Provided records ▸
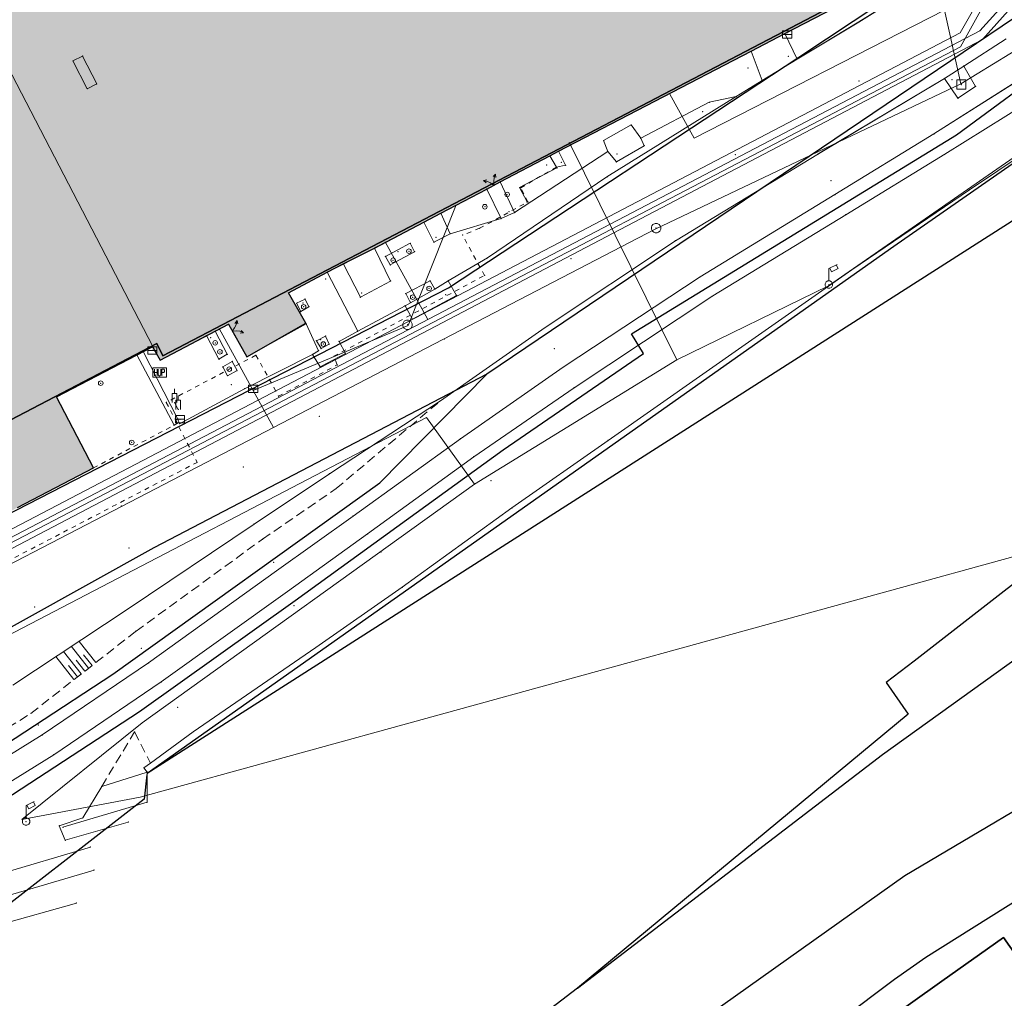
# Model space of a CAD drawing. Header units: metres. Extents: x -535942 to -530626, y -1087729 to -1086275.
# Tile 44 of 247: x -534304 to -534240, y -1087025 to -1086961. Entities that reach past the tile are written whole.
import ezdxf

# ---------------------------------------------------------------- set-up
doc = ezdxf.new("R2010")
doc.units = ezdxf.units.M
doc.linetypes.add('C_1', pattern=[0.6, 0.3, -0.3])
doc.linetypes.add('C_2', pattern=[0.9, 0.6, -0.3])
for name, color, linetype in [('17', 7, 'Continuous'), ('18', 7, 'Continuous'), ('2', 7, 'Continuous'), ('22', 7, 'Continuous'), ('23', 7, 'Continuous'), ('25', 7, 'Continuous'), ('8', 7, 'Continuous'), ('_blok katastr', 7, 'Continuous'), ('_blok SS sítě', 7, 'Continuous'), ('_blok zaměření - nové', 7, 'Continuous'), ('AG_srafy SS budovy', 252, 'Continuous')]:
    doc.layers.add(name, color=color, linetype=linetype)
doc.layers.add('AG revizni oblacek', color=111, linetype='Continuous', plot=False)
doc.layers.add('AG_revizni oblacek', color=111, linetype='Continuous', plot=False)
for name, color, linetype, lineweight in [('AG voda chladící přívod', 120, 'HP_02_920CHVP', 13), ('AG voda chladící vratna', 120, 'HP_02_921CHVV', 13), ('AG_SS kanal_déšť', 251, 'G_POTR_626_PN', 13), ('AG_SS osvětlení', 251, 'HP_04_VO', 13)]:
    doc.layers.add(name, color=color, linetype=linetype, lineweight=lineweight)
doc.layers.add('BT_hranice_budov', color=7, linetype='Continuous', lineweight=30, true_color=0x007f00)
doc.layers.add('BT_hranice_parcel', color=7, linetype='Continuous', true_color=0x007f00)
doc.layers.add('BT_vnitrni_kresby', color=7, linetype='Continuous', true_color=0x007f00)
doc.layers.get('17').off()
doc.styles.add('PM-Poznámka', font='ARIALN.TTF', dxfattribs={"width": 0.8})
doc.styles.add('ROMANS', font='romans')
doc.styles.get("Standard").update_dxf_attribs({"font": 'ARIALN.TTF'})
doc.linetypes.add('G_POTR_626_PN', pattern='A,0.5,-1,2,-6.5,[8,hpfmlin.shx,S=1,R=0,X=0,Y=0],-6.5,2,-1,0.5', length=20)
doc.linetypes.add('HP_02_920CHVP', pattern='A,0.5,-1.2,-6.5,[3,hpfmlin.shx,S=1,R=0,X=0,Y=0],-0.8,["CHVP",Standard,S=1.7,R=0,X=3,Y=-0.8],-9,2,-1,0.5', length=21.5)
doc.linetypes.add('HP_02_921CHVV', pattern='A,0.5,-1.2,-6.5,[3,hpfmlin.shx,S=1,R=0,X=0,Y=0],-0.8,["CHVV",Standard,S=1.7,R=0,X=3,Y=-0.8],-9,2,-1,0.5', length=21.5)
doc.linetypes.add('HP_04_VO', pattern='A,0.5,-1,2,-5,[28,hpfmlin.shx,S=1,R=0,X=0,Y=0],-0.8,["VO",ROMANS,S=1.7,R=0,X=2.75,Y=-0.8],-7,2,-1,0.5', length=19.8)
doc.dimstyles.new('RP_Poznámkový', dxfattribs={"dimscale": 0, "dimtxt": 2, "dimasz": 2, "dimexe": 0, "dimexo": 5, "dimgap": 0.5, "dimtad": 1, "dimzin": 1, "dimtxsty": 'PM-Poznámka', "dimblk": 'ARCHTICK', "dimcen": 2.5, "dimclrd": 256, "dimclre": 256, "dimclrt": 256, "dimadec": 5, "dimazin": 0, "dimtm": 1e-09, "dimtfac": 1, "dimtmove": 1, "dimatfit": 3, "dimldrblk": 'CLOSEDBLANK', "dimfxl": 10, "dimfxlon": 1, "dimtfill": 1, "dimlwd": 13, "dimlwe": 13, "dimarcsym": 0})

# ---------------------------------------------------------------- blocks, each defined once
blk = doc.blocks.new('_KATASTR')
at = {"layer": 'BT_hranice_budov', "lineweight": -3}
for points in [[(-534242.71, -1086955.35), (-534295.04, -1086982.7), (-534295.44, -1086981.89), (-534359.64, -1087015.44), (-534376.55, -1086982.96), (-534312.53, -1086949.61), (-534312.67, -1086949.34), (-534260.19, -1086922), (-534253.33, -1086935.11), (-534249.09, -1086943.21), (-534248.59, -1086944.16), (-534242.71, -1086955.35)], [(-534244.05, -1087023.62), (-534240.02, -1087020.78), (-534235.61, -1087027.03), (-534246.85, -1087034.98), (-534251.11, -1087028.65), (-534246.1, -1087025.09), (-534244.05, -1087023.62)]]:
    blk.add_lwpolyline(points, dxfattribs=at)
at = {"layer": 'BT_hranice_parcel', "lineweight": -3}
for points in [[(-534344.03, -1087032.66), (-534314.99, -1087021.81), (-534305.85, -1087017.47), (-534306.28, -1087016.03), (-534319.97, -1087020.18), (-534307.11, -1087012.85), (-534296.57, -1087005.97), (-534286.39, -1086998.72), (-534279.09, -1086993.44), (-534272.77, -1086988.86), (-534263.58, -1086982.55), (-534264.36, -1086981.27), (-534243.1, -1086968.23), (-534223.01, -1086953.42), (-534222.12, -1086954.63), (-534194.54, -1086931.45), (-534186.7, -1086925.64), (-534173.41, -1086917.25), (-534107.89, -1086876.38), (-534109.47, -1086873.84), (-534112.45, -1086875.3), (-534113.39, -1086873.69)], [(-534173.64, -1086887.86), (-534179.28, -1086895.59), (-534183.23, -1086899.51), (-534184.9, -1086901.14), (-534189.41, -1086909.99), (-534197.65, -1086922.06), (-534200.92, -1086926.02), (-534208.38, -1086935.29), (-534211.96, -1086938.55), (-534221.67, -1086947.8), (-534225.8, -1086951.43), (-534273.85, -1086983.9)], [(-534361.22, -1087021.89), (-534276.34, -1086978.24), (-534253.42, -1086963.15), (-534237.38, -1086952.51), (-534243.05, -1086941.27), (-534243.92, -1086940.17), (-534249.09, -1086943.21), (-534253.33, -1086935.11), (-534249.1, -1086925.82), (-534251.76, -1086920.85), (-534253.81, -1086919.31), (-534254.49, -1086917.85), (-534256.12, -1086916.74), (-534258.85, -1086917.23), (-534270.38, -1086923.13), (-534275.37, -1086925.65), (-534286.23, -1086931.17), (-534363.28, -1086971.23)], [(-534376.55, -1086982.96), (-534359.64, -1087015.44), (-534295.44, -1086981.89), (-534295.04, -1086982.7), (-534242.71, -1086955.35), (-534248.59, -1086944.16), (-534249.09, -1086943.21)], [(-534205.86, -1086949.78), (-534228.41, -1086962.47), (-534247.19, -1086975.55), (-534296.08, -1087010.03), (-534296.09, -1087010.12), (-534296.26, -1087011.72), (-534307.96, -1087020.8), (-534311.04, -1087022.12), (-534329.96, -1087030.2), (-534390.46, -1087060.51), (-534433.44, -1087086.3)], [(-534372.44, -1087039.42), (-534345.27, -1087029.92), (-534319.42, -1087016.42), (-534308.59, -1087010.25), (-534298.31, -1087003.53), (-534280.84, -1086991.01), (-534273.85, -1086983.9), (-534295.63, -1086995.26), (-534312.56, -1087004.68), (-534330.73, -1087014.05), (-534364.65, -1087030.93), (-534369.69, -1087037.15), (-534372.44, -1087039.42)], [(-534267.91, -1087024.09), (-534247.95, -1087008.8), (-534218.34, -1086987.53), (-534221.2, -1086988.8), (-534232.41, -1086992.41), (-534233.61, -1086993.16), (-534245.88, -1087002.69), (-534247.71, -1087004.08), (-534246.26, -1087006.16), (-534267.91, -1087024.09)], [(-534268.65, -1087032.46), (-534246.47, -1087016.72), (-534209.11, -1086994.59), (-534206.72, -1086998), (-534245.1, -1087022.07), (-534247.16, -1087023.51), (-534299.66, -1087062.98), (-534319.52, -1087083.84)], [(-534240.02, -1087020.78), (-534244.05, -1087023.62), (-534246.1, -1087025.09), (-534251.11, -1087028.65)], [(-534251.11, -1087028.65), (-534246.85, -1087034.98), (-534235.61, -1087027.03), (-534240.02, -1087020.78)], [(-534267.91, -1087024.09), (-534275.26, -1087029.72)]]:
    blk.add_lwpolyline(points, dxfattribs=at)
at = {"layer": 'BT_vnitrni_kresby', "lineweight": -3}
blk.add_lwpolyline([(-534233.54, -1086970.12), (-534296.08, -1087010.03)], dxfattribs=at)
blk = doc.blocks.new('kanalizace SS')
at = {"layer": 'AG_SS kanal_déšť', "ltscale": 0.7}
for p, q in [((-534242.81, -1086964.9), (-534232.33, -1086958.45)), ((-534260.265, -1086968.456), (-534243.888, -1086960.077)), ((-534243.888, -1086960.077), (-534242.81, -1086964.9)), ((-534262.82, -1086974.41), (-534242.81, -1086964.9)), ((-534261.872, -1086965.563), (-534260.265, -1086968.456)), ((-534278.98, -1086980.72), (-534275.848, -1086972.815)), ((-534287.801, -1086987.39), (-534262.82, -1086974.41)), ((-534291.36, -1086980.91), (-534289.14, -1086984.96)), ((-534289.14, -1086984.96), (-534278.98, -1086980.72)), ((-534289.14, -1086984.96), (-534287.801, -1086987.39)), ((-534297.75, -1086992.56), (-534287.801, -1086987.39)), ((-534327.75, -1087008.13), (-534297.75, -1086992.56))]:
    blk.add_line(p, q, dxfattribs=at)
blk = doc.blocks.new('ss prumyslová voda')
at = {"layer": 'AG voda chladící přívod', "color": 251, "lineweight": 13}
for points in [[(-534230.64, -1086927.97), (-534232.063, -1086929.003), (-534236.013, -1086949.563), (-534242.856, -1086961.561), (-534375.22, -1087030.798), (-534383.662, -1087027.603), (-534385.089, -1087027.887)], [(-534228.765, -1086932.2), (-534232.636, -1086934.267), (-534235.391, -1086949.063), (-534242.83, -1086962.464), (-534375.663, -1087031.85), (-534381.875, -1087048.253), (-534417.469, -1087065.847), (-534522.394, -1087094.497), (-534567.191, -1087105.996), (-534637.656, -1087123.005), (-534637.706, -1087136.313), (-534642.249, -1087137.58), (-534646.477, -1087121.058)]]:
    blk.add_lwpolyline(points, dxfattribs=at)
at = {"layer": 'AG voda chladící vratna', "color": 251, "lineweight": 13}
blk.add_line((-534280.504, -1086975.232), (-534277.699, -1086980.331), dxfattribs=at)
for points in [[(-534478.219, -1087102.922), (-534477.666, -1087102.752), (-534477.325, -1087102.284), (-534483.284, -1087083.999), (-534417.317, -1087066.303), (-534381.469, -1087048.608), (-534375.182, -1087032.129), (-534241.398, -1086962.004), (-534225.343, -1086944.043), (-534213.877, -1086938.385), (-534201.189, -1086914.918), (-534201.442, -1086914.416)], [(-534384.971, -1087028.357), (-534383.662, -1087028.06), (-534375.321, -1087031.381), (-534241.563, -1086961.434), (-534225.803, -1086944.001), (-534214.161, -1086937.933), (-534201.658, -1086914.834), (-534201.778, -1086914.586)]]:
    blk.add_lwpolyline(points, dxfattribs=at)
blk = doc.blocks.new('ss_vo')
at = {"layer": 'AG_SS osvětlení', "ltscale": 0.7}
for p, q in [((-534227.726, -1086961.642), (-534251.472, -1086978.113)), ((-534261.39422, -1086982.97045), (-534268.45498, -1086968.71627)), ((-534251.472, -1086978.113), (-534261.39422, -1086982.97045)), ((-534274.64093, -1086991.10229), (-534261.39422, -1086982.97045)), ((-534305.26643, -1087001.04037), (-534277.7846, -1086986.74171)), ((-534277.7846, -1086986.74171), (-534274.64093, -1086991.10229)), ((-534296.40582, -1087006.71927), (-534274.64093, -1086991.10229)), ((-534296.538, -1087011.579), (-534236.10154, -1086994.9441)), ((-534304.278, -1087013.054), (-534296.40582, -1087006.71927)), ((-534304.278, -1087013.054), (-534296.538, -1087011.579))]:
    blk.add_line(p, q, dxfattribs=at)
blk = doc.blocks.new('Z15')
at = {"layer": '23', "color": 0, "lineweight": -2}
blk.add_circle((0, 0), 0.15, dxfattribs=at)
blk = doc.blocks.new('Z56')
at = {"color": 0, "lineweight": -2}
for p, q in [((-0.45, 0), (-0.45, 0.6)), ((-0.45, 0.6), (0.45, 0.6)), ((0.45, 0), (-0.45, 0)), ((-0.33, 0.51), (-0.33, 0.09)), ((-0.33, 0.3), (-0.15, 0.3)), ((-0.15, 0.09), (-0.15, 0.51)), ((-0.09, 0.51), (-0.09, 0.18)), ((-0.09, 0.18), (-0.06, 0.12)), ((-0.06, 0.12), (-0.03, 0.09)), ((-0.03, 0.09), (0.03, 0.09)), ((0.03, 0.09), (0.06, 0.12)), ((0.06, 0.12), (0.09, 0.18)), ((0.09, 0.18), (0.09, 0.51)), ((0.15, 0.09), (0.15, 0.51)), ((0.15, 0.51), (0.27, 0.51)), ((0.27, 0.3), (0.15, 0.3)), ((0.27, 0.51), (0.33, 0.45)), ((0.33, 0.36), (0.27, 0.3)), ((0.33, 0.45), (0.33, 0.36)), ((0.45, 0.6), (0.45, 0))]:
    blk.add_line(p, q, dxfattribs=at)
blk = doc.blocks.new('Z412')
at = {"color": 0, "lineweight": -2}
for p, q in [((0, 0.6), (0, 0.9)), ((-0.15, 0), (-0.15, 0.6)), ((-0.15, 0.6), (0.15, 0.6)), ((0.15, 0.6), (0.15, 0))]:
    blk.add_line(p, q, dxfattribs=at)
blk = doc.blocks.new('Z38')
at = {"color": 0, "lineweight": -2}
for p, q in [((0.3, 0.24), (-0.3, 0.24)), ((-0.3, 0.24), (-0.3, -0.24)), ((-0.3, 0), (0.3, 0)), ((0.3, -0.24), (0.3, 0.24)), ((-0.3, -0.24), (0.3, -0.24))]:
    blk.add_line(p, q, dxfattribs=at)
blk = doc.blocks.new('Z620')
at = {"color": 0, "lineweight": -2}
for p, q in [((-0.3, 0.06), (-0.27, 0.15)), ((-0.3, -0.06), (-0.3, 0.06)), ((-0.27, 0.15), (-0.21, 0.24)), ((-0.21, 0.24), (-0.06, 0.3)), ((-0.06, 0.3), (0.06, 0.3)), ((0.06, 0.3), (0.21, 0.24)), ((0.21, 0.24), (0.27, 0.15)), ((0.27, 0.15), (0.3, 0.06)), ((0.3, 0.06), (0.3, -0.06)), ((-0.24, -0.21), (-0.3, -0.06)), ((-0.15, -0.27), (-0.24, -0.21)), ((-0.06, -0.3), (-0.15, -0.27)), ((0.06, -0.3), (-0.06, -0.3)), ((0.15, -0.27), (0.06, -0.3)), ((0.24, -0.21), (0.15, -0.27)), ((0.3, -0.06), (0.24, -0.21))]:
    blk.add_line(p, q, dxfattribs=at)
blk = doc.blocks.new('Z608')
at = {"color": 0, "lineweight": -2}
for p, q in [((0.3, 0.3), (-0.3, 0.3)), ((-0.3, 0.3), (-0.3, -0.3)), ((0.3, -0.3), (0.3, 0.3)), ((-0.3, -0.3), (0.3, -0.3))]:
    blk.add_line(p, q, dxfattribs=at)
blk = doc.blocks.new('Z13')
at = {"color": 0, "lineweight": -2}
for p, q in [((0, 1.05), (0.54, 1.32)), ((0.48, 1.29), (0.6, 1.05)), ((0, 0.24), (0, 1.05)), ((0.18, 0.84), (0.06, 1.08)), ((0.6, 1.05), (0.18, 0.84)), ((-0.24, 0.06), (-0.18, 0.18)), ((-0.24, -0.06), (-0.24, 0.06)), ((-0.18, 0.18), (-0.06, 0.24)), ((-0.06, 0.24), (0.06, 0.24)), ((0.06, 0.24), (0.18, 0.18)), ((0.18, 0.18), (0.24, 0.06)), ((0.24, 0.06), (0.24, -0.06)), ((-0.18, -0.18), (-0.24, -0.06)), ((-0.06, -0.24), (-0.18, -0.18)), ((0.06, -0.24), (-0.06, -0.24)), ((0.18, -0.18), (0.06, -0.24)), ((0.24, -0.06), (0.18, -0.18))]:
    blk.add_line(p, q, dxfattribs=at)
blk = doc.blocks.new('Z58')
at = {"color": 0, "lineweight": -2}
for p, q in [((-0.45, 0.6), (-0.24, 0.42)), ((-0.45, 0.6), (-0.36, 0.39)), ((-0.45, 0.6), (-0.24, 0.54)), ((-0.24, 0.42), (-0.12, 0.24)), ((-0.12, 0.24), (0, 0)), ((0, 0), (0.12, 0.24)), ((0.12, 0.24), (0.24, 0.42)), ((0.24, 0.42), (0.45, 0.6)), ((0.45, 0.6), (0.24, 0.54)), ((0.45, 0.6), (0.36, 0.39))]:
    blk.add_line(p, q, dxfattribs=at)
blk = doc.blocks.new('doměř')
at = {"layer": '18', "color": 252, "linetype": 'Continuous', "lineweight": 13}
for p in [(-534249.485, -1086960.846), (-534254.344, -1086961.61), (-534254.177, -1086961.657), (-534256.539, -1086962.759), (-534254.102, -1086963.095), (-534256.743, -1086963.859), (-534253.529, -1086963.279), (-534242.624, -1086963.736), (-534255.824, -1086964.67), (-534249.472, -1086964.708), (-534243.883, -1086964.539), (-534243.402, -1086964.633), (-534242.779, -1086964.943), (-534241.855, -1086965.06)]:
    blk.add_point(p, dxfattribs=at)
at = {"layer": '2', "color": 252, "linetype": 'Continuous', "lineweight": 13}
for p, q in [((-534242.721, -1086955.584), (-534254.344, -1086961.61)), ((-534242.91, -1086956.733), (-534249.485, -1086960.846)), ((-534249.485, -1086960.846), (-534253.529, -1086963.279)), ((-534254.344, -1086961.61), (-534256.539, -1086962.759)), ((-534253.529, -1086963.279), (-534254.344, -1086961.61)), ((-534242.624, -1086963.736), (-534239.851, -1086961.944)), ((-534256.539, -1086962.759), (-534269.143, -1086969.307)), ((-534255.824, -1086964.67), (-534256.539, -1086962.759)), ((-534253.529, -1086963.279), (-534255.824, -1086964.67)), ((-534242.624, -1086963.736), (-534243.883, -1086964.539)), ((-534241.855, -1086965.06), (-534242.624, -1086963.736)), ((-534238.553, -1086964.351), (-534244.583, -1086968.172)), ((-534255.824, -1086964.67), (-534257.521, -1086965.725)), ((-534252.143, -1086969.482), (-534243.883, -1086964.539)), ((-534243.883, -1086964.539), (-534243.014, -1086965.843)), ((-534243.014, -1086965.843), (-534241.855, -1086965.06))]:
    blk.add_line(p, q, dxfattribs=at)
blk = doc.blocks.new('Zaměření - zekan')
at = {"layer": 'AG_srafy SS budovy', "transparency": 33554602}
h = blk.add_hatch(color=256, dxfattribs=at)
h.dxf.hatch_style = 1
h.paths.add_polyline_path([(-534453.325, -1086966.969), (-534443.64, -1086964.47), (-534440.42, -1086963.61), (-534440.62, -1086962.77), (-534438.161, -1086962.135), (-534435.9, -1086961.56), (-534432.06, -1086960.58), (-534428.7, -1086959.69), (-534425.4, -1086958.85), (-534423.57, -1086958.39), (-534414.04, -1086955.97), (-534414.64, -1086953.75), (-534414.91, -1086952.73), (-534415.05, -1086952.24), (-534415.31, -1086951.23), (-534416.63, -1086946.34), (-534428.91, -1086949.44), (-534437.35, -1086951.61), (-534443.56, -1086953.24), (-534443.06, -1086955.13), (-534448.34, -1086956.52), (-534449.54, -1086956.83), (-534450.23, -1086957.02), (-534451.64, -1086957.39), (-534454.12, -1086958.04), (-534454.72, -1086958.19), (-534455.72, -1086958.46), (-534455.285, -1086960.065), (-534454.35, -1086963.34), (-534454.176, -1086963.958), (-534454.137, -1086964.098), (-534454.061, -1086964.37)])
h.paths.add_polyline_path([(-534449.11, -1086987.51), (-534445.794, -1086986.657), (-534443.94, -1086986.148), (-534443.968, -1086986.042), (-534442.31, -1086985.609), (-534441.179, -1086985.314), (-534431.78, -1086982.86), (-534426.34, -1086981.45), (-534426.27, -1086981.61), (-534423.234, -1086980.828), (-534421.037, -1086980.226), (-534414.29, -1086978.5), (-534410.17, -1086977.42), (-534409.67, -1086979.54), (-534407.98, -1086979.1), (-534405.71, -1086987.99), (-534405.64, -1086987.96), (-534405.57, -1086988.16), (-534405.509, -1086988.144), (-534404.631, -1086991.451), (-534404.368, -1086992.439), (-534403.734, -1086994.828), (-534403.627, -1086995.219), (-534399.381, -1086994.059), (-534393.93, -1086992.57), (-534392.974, -1086996.329), (-534392.378, -1086998.675), (-534391.96, -1087000.32), (-534391.274, -1087003.026), (-534389.51, -1087009.99), (-534387.84, -1087016.44), (-534385.756, -1087024.283), (-534384.58, -1087028.84), (-534384.22, -1087030.49), (-534394.01, -1087033.1), (-534393.06, -1087036.8), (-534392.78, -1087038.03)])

Exercise description ▸
Could you return the lines in the entries above that contain "oblacek"?

Output of the exercise ▸
doc.layers.add('AG revizni oblacek', color=111, linetype='Continuous', plot=False)
doc.layers.add('AG_revizni oblacek', color=111, linetype='Continuous', plot=False)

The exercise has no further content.